Thanks! The bracelet is nice but Ill hold off on using it for the time being till I find a suitable replacement for the clasp. The brand of the nato is Veloci and its sold out of a strap store here in the Philippines called Asprey. Price is roughly $8.00


----------



## raze (Nov 28, 2010)

Had the O1V on yesterday and will be wearing it again today. Accuracy on both watches are at about +/- 3 sec per day since I got them. Both have been on rotation and I hand wind the watch I didnt use the night before I go to bed. Just doing this now to test accuracy. These watches do grow on you the longer you own them. Now I cant see myself letting go of either one.

On Veloci Italian leather nato. You really cant see it in this picture but the strap is almost the same color as the dial.


----------



## Diver527 (Dec 10, 2013)

raze said:


> Had the O1V on yesterday and will be wearing it again today. Accuracy on both watches are at about +/- 3 sec per day since I got them. Both have been on rotation and I hand wind the watch I didnt use the night before I go to bed. Just doing this now to test accuracy. These watches do grow on you the longer you own them. Now I cant see myself letting go of either one.
> 
> On Veloci Italian leather nato. You really cant see it in this picture but the strap is almost the same color as the dial.

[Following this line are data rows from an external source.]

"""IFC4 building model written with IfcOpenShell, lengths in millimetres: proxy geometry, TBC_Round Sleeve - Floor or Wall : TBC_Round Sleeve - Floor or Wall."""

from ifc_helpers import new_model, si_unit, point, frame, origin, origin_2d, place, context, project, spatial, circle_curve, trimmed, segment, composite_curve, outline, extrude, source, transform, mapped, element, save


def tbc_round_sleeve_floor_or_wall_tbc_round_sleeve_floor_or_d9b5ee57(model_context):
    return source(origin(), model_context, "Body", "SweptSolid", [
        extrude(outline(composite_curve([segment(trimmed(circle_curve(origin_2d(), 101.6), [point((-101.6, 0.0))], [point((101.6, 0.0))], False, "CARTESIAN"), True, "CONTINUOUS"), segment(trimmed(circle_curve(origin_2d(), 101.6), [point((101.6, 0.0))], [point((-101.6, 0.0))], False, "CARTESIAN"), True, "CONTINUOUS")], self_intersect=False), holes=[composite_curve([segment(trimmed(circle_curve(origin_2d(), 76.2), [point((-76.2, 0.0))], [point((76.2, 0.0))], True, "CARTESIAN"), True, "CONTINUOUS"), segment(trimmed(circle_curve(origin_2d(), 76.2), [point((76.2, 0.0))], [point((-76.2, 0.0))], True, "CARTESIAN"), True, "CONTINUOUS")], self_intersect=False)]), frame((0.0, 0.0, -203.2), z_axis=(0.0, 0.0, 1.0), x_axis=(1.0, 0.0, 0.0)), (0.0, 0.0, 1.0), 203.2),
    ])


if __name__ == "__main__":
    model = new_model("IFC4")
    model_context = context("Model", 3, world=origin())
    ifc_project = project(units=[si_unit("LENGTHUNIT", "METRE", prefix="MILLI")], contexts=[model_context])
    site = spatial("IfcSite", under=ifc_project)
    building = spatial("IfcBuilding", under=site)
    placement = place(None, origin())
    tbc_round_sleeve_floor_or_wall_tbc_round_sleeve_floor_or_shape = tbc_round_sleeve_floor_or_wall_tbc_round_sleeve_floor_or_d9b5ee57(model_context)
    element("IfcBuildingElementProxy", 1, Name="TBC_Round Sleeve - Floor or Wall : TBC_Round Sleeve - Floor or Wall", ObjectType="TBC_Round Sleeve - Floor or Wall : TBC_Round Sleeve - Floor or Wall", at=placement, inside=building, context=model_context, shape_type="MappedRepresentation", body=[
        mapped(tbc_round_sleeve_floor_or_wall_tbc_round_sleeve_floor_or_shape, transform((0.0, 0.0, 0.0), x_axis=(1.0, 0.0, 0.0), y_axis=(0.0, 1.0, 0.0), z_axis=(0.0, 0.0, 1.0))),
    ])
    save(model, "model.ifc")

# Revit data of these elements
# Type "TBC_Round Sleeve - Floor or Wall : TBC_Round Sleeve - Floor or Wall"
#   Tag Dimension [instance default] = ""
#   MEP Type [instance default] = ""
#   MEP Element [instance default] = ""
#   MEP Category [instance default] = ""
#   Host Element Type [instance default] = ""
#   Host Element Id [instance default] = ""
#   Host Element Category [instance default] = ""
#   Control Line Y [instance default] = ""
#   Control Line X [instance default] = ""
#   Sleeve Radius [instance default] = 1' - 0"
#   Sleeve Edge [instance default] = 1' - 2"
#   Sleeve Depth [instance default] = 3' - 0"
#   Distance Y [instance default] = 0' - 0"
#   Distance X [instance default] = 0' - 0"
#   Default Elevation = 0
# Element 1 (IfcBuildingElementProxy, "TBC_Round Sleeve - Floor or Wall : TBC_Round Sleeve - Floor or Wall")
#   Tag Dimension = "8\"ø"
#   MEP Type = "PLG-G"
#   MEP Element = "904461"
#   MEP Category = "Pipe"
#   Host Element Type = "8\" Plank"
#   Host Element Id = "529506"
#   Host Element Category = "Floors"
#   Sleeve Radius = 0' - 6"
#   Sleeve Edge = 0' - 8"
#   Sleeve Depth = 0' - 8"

That looks great! How are you finding the difference in crystals, the dome looks great IMO


----------



## raze (Nov 28, 2010)

Diver527 said:


> That looks great! How are you finding the difference in crystals, the dome looks great IMO


Thank you! I find the crystal on the OVM to be a lot clearer. The super dome on the O1V causes a little distortion on the dial as you can see on the pic. These 2 watches offer 2 very different experiences and can easily coexist in a collection. Very happy to have both. The OVM has gotten way more wrist time, but when the weekend comes ill be strapping the O1V on.
Accuracy on the OVM has been spot on. About +/- 3 sec per day and the O1V has wound down so Ill be testing the accuracy on the ST.5 on the weekend.


----------



## Diver527 (Dec 10, 2013)

Thanks for the update. I have owned an Ocean 1 in the past but the blatant sub homage resulted in me flipping it.

I do however really fancy getting an O1V, they look great. Sounds strange buts it now really a toss up between the Steinhart or a Tudor black bay. Really confused now as only one can enter my collection but both a very different price points.....


----------



## raze (Nov 28, 2010)

Diver527 said:


> Thanks for the update. I have owned an Ocean 1 in the past but the blatant sub homage resulted in me flipping it.
> 
> I do however really fancy getting an O1V, they look great. Sounds strange buts it now really a toss up between the Steinhart or a Tudor black bay. Really confused now as only one can enter my collection but both a very different price points.....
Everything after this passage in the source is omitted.